We have a single particle whose initial mass is $$4M$$ and it is stated to be at rest. “At rest’’ means that its initial linear momentum is zero, i.e. $$\vec p_{\text{initial}} = 0$$.

This particle suddenly disintegrates into two separate particles. The first fragment has mass $$M$$ and the second fragment has mass $$3M$$. Let their velocities after disintegration be $$\vec v_1$$ (for the particle of mass $$M$$) and $$\vec v_2$$ (for the particle of mass $$3M$$). Because the original body was isolated and at rest, the law of conservation of linear momentum must hold.

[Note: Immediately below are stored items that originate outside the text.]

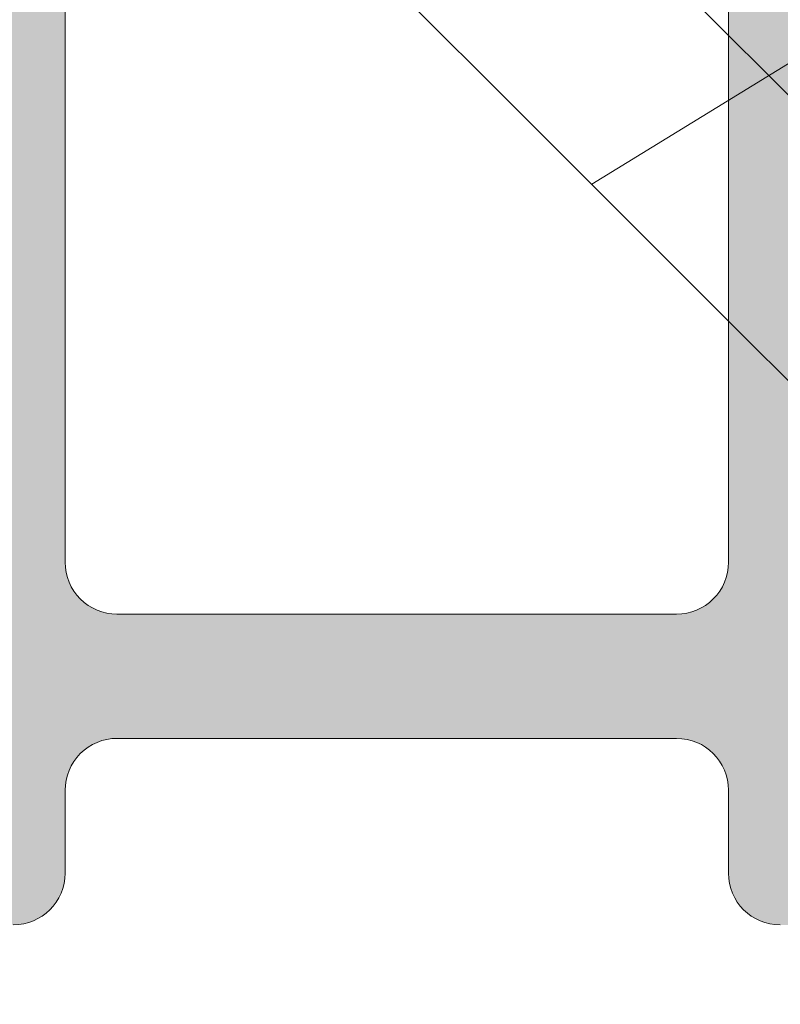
# Model space of a CAD drawing. Header units: metres. Extents: x 1316.5 to 1415.3, y -94.1 to -52.
# Tile 712 of 1056: x 1393.19594 to 1393.20328, y -70.24348 to -70.23397. Entities that reach past the tile are written whole.
import ezdxf

# ---------------------------------------------------------------- set-up
doc = ezdxf.new("R2010")
doc.units = ezdxf.units.M
doc.linetypes.add('AUSGEZOGEN', pattern=[0])
doc.layers.add('XR$1$Logos', color=255, linetype='AUSGEZOGEN', lineweight=13)

msp = doc.modelspace()

# ---------------------------------------------------------------- hatches: boundary and pattern name
at = {"layer": 'XR$1$Logos', "linetype": 'AUSGEZOGEN', "lineweight": 13, "transparency": 33554687}
h = msp.add_hatch(color=253, dxfattribs=at)
h.paths.add_polyline_path([(1393.194677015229, -70.24221225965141), (1393.194677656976, -70.24223758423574), (1393.194679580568, -70.24226284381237), (1393.194682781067, -70.24228797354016), (1393.194687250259, -70.2423129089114), (1393.19469297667, -70.24233758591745), (1393.194699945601, -70.2423619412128), (1393.194708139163, -70.24238591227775), (1393.194717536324, -70.24240943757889), (1393.19472811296, -70.24243245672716), (1393.194739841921, -70.24245491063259), (1393.194752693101, -70.24247674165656), (1393.194766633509, -70.24249789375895), (1393.194781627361, -70.2425183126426), (1393.194797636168, -70.24253794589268), (1393.194814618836, -70.2425567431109), (1393.19483253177, -70.24257465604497), (1393.194851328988, -70.2425916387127), (1393.194870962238, -70.2426076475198), (1393.194891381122, -70.24262264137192), (1393.194912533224, -70.24263658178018), (1393.194934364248, -70.2426494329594), (1393.194956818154, -70.24266116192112), (1393.194979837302, -70.24267173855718), (1393.195003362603, -70.24268113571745), (1393.195027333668, -70.2426893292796), (1393.195051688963, -70.24269629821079), (1393.195076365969, -70.24270202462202), (1393.195101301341, -70.24270649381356), (1393.195126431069, -70.24270969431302), (1393.195151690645, -70.24271161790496), (1393.195177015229, -70.24271225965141), (1393.195877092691, -70.24271225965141), (1393.195902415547, -70.24271161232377), (1393.195927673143, -70.24270968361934), (1393.195952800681, -70.24270647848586), (1393.195977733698, -70.2427020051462), (1393.196002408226, -70.24269627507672), (1393.196026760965, -70.24268930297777), (1393.196050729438, -70.24268110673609), (1393.196074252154, -70.24267170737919), (1393.196097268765, -70.24266112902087), (1393.196119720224, -70.24264939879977), (1393.19614154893, -70.2426365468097), (1393.196162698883, -70.2426226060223), (1393.196183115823, -70.2426076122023), (1393.19620274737, -70.24259160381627), (1393.19622154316, -70.24257462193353), (1393.196239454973, -70.2425567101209), (1393.196256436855, -70.24253791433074), (1393.196272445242, -70.24251828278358), (1393.196287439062, -70.24249786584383), (1393.196301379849, -70.24247671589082), (1393.196314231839, -70.24245488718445), (1393.19632596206, -70.24243243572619), (1393.196336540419, -70.24240941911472), (1393.196345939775, -70.24238589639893), (1393.196354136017, -70.2423619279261), (1393.196361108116, -70.242337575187), (1393.196366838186, -70.24231290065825), (1393.196371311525, -70.24228796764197), (1393.196374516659, -70.24226284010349), (1393.196376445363, -70.24223758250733), (1393.196377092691, -70.24221225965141), (1393.196377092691, -70.24141227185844), (1393.19637772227, -70.24138694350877), (1393.196379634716, -70.24136167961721), (1393.196382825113, -70.24133654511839), (1393.196387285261, -70.24131160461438), (1393.196393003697, -70.24128692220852), (1393.196399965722, -70.24126256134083), (1393.196408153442, -70.24123858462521), (1393.196417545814, -70.24121505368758), (1393.196428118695, -70.24119202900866), (1393.196439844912, -70.24116956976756), (1393.196452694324, -70.24114773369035), (1393.196466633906, -70.24112657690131), (1393.196481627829, -70.24110615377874), (1393.196497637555, -70.24108651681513), (1393.196514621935, -70.24106771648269), (1393.196532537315, -70.24104980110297), (1393.196551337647, -70.24103281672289), (1393.196570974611, -70.24101680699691), (1393.196591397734, -70.2410018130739), (1393.196612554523, -70.24098787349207), (1393.1966343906, -70.24097502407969), (1393.196656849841, -70.24096329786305), (1393.19667987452, -70.24095272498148), (1393.196703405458, -70.24094333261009), (1393.196727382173, -70.24093514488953), (1393.196751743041, -70.24092818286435), (1393.196776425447, -70.24092246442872), (1393.196801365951, -70.24091800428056), (1393.19682650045, -70.24091481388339), (1393.196851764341, -70.24091290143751), (1393.196877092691, -70.24091227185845), (1393.202276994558, -70.24091227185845), (1393.202302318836, -70.24091291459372), (1393.202327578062, -70.24091483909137), (1393.202352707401, -70.24091804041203), (1393.202377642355, -70.24092251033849), (1393.202402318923, -70.24092823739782), (1393.202426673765, -70.24093520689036), (1393.202450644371, -70.24094340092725), (1393.202474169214, -70.2409527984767), (1393.202497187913, -70.24096337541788), (1393.202519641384, -70.24097510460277), (1393.202541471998, -70.24098795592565), (1393.202562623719, -70.24100189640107), (1393.202583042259, -70.24101689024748), (1393.202602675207, -70.24103289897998), (1393.202621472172, -70.24104988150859), (1393.202639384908, -70.24106779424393), (1393.202656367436, -70.24108659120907), (1393.202672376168, -70.24110622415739), (1393.202687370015, -70.2411266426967), (1393.20270131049, -70.24114779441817), (1393.202714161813, -70.24116962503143), (1393.202725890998, -70.24119207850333), (1393.202736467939, -70.24121509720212), (1393.202745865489, -70.24123862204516), (1393.202754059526, -70.24126259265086), (1393.202761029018, -70.24128694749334), (1393.202766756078, -70.24131162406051), (1393.202771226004, -70.24133655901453), (1393.202774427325, -70.24136168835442), (1393.202776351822, -70.24138694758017), (1393.202776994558, -70.24141227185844), (1393.202776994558, -70.24221225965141), (1393.202777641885, -70.24223758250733), (1393.20277957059, -70.24226284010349), (1393.202782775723, -70.24228796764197), (1393.202787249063, -70.24231290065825), (1393.202792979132, -70.242337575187), (1393.202799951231, -70.2423619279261), (1393.202808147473, -70.24238589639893), (1393.20281754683, -70.24240941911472), (1393.202828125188, -70.24243243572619), (1393.202839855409, -70.24245488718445), (1393.202852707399, -70.24247671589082), (1393.202866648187, -70.24249786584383), (1393.202881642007, -70.24251828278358), (1393.202897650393, -70.24253791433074), (1393.202914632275, -70.2425567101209), (1393.202932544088, -70.24257462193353), (1393.202951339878, -70.24259160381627), (1393.202970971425, -70.2426076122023), (1393.202991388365, -70.2426226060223), (1393.203012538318, -70.2426365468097), (1393.203034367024, -70.24264939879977), (1393.203056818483, -70.24266112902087), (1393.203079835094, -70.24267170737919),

Conservation of momentum (statement). For an isolated system, the vector sum of the momenta before and after any internal interaction remains unchanged.

Applying this law, we write

$$M\,\vec v_1 \;+\; 3M\,\vec v_2 \;=\; \vec 0.$$

We now proceed algebraically, isolating one velocity in terms of the other. Dividing every term by the common factor $$M$$ gives

$$\vec v_1 \;+\; 3\,\vec v_2 \;=\; \vec 0.$$

Rearranging, we get

$$\vec v_1 \;=\; -\,3\,\vec v_2.$$

This result tells us that the two velocities are in opposite directions (the minus sign) and that the magnitude of $$\vec v_1$$ is three times the magnitude of $$\vec v_2$$:

$$|\vec v_1| \;=\; 3\,|\vec v_2|.$$

Next, we write the individual momenta after the disintegration:

First particle (mass $$M$$): $$\vec p_1 \;=\; M\,\vec v_1.$$

Second particle (mass $$3M$$): $$\vec p_2 \;=\; 3M\,\vec v_2.$$

We take magnitudes to compare them. Using $$|\vec v_1| = 3\,|\vec v_2|$$, we have

$$|\vec p_1| \;=\; M\,|\vec v_1| \;=\; M\,(3\,|\vec v_2|) \;=\; 3M\,|\vec v_2|.$$

Similarly,

$$|\vec p_2| \;=\; 3M\,|\vec v_2|.$$

From the last two lines we observe

$$|\vec p_1| = |\vec p_2|.$$

Thus, although the particles have different masses and different speeds, the magnitudes of their linear momenta are identical, fulfilling momentum conservation.

Now we invoke the de-Broglie relation.

de-Broglie wavelength formula. The wavelength associated with a particle of momentum $$p$$ is

$$\lambda = \dfrac{h}{p},$$

where $$h$$ is Planck’s constant.

Let $$\lambda_1$$ be the wavelength of the particle of mass $$M$$ and $$\lambda_2$$ be that of the particle of mass $$3M$$. Then

$$\lambda_1 = \dfrac{h}{|\vec p_1|}, \qquad \lambda_2 = \dfrac{h}{|\vec p_2|}.$$

We now form the required ratio:

$$\dfrac{\lambda_1}{\lambda_2} = \dfrac{h/|\vec p_1|}{\,h/|\vec p_2|\,} = \dfrac{|\vec p_2|}{|\vec p_1|}.$$

But we have already shown that $$|\vec p_1| = |\vec p_2|$$, so

$$\dfrac{\lambda_1}{\lambda_2} = 1.$$

This translates to the numerical ratio

$$\lambda_1 : \lambda_2 = 1 : 1.$$

Hence, the correct answer is Option D.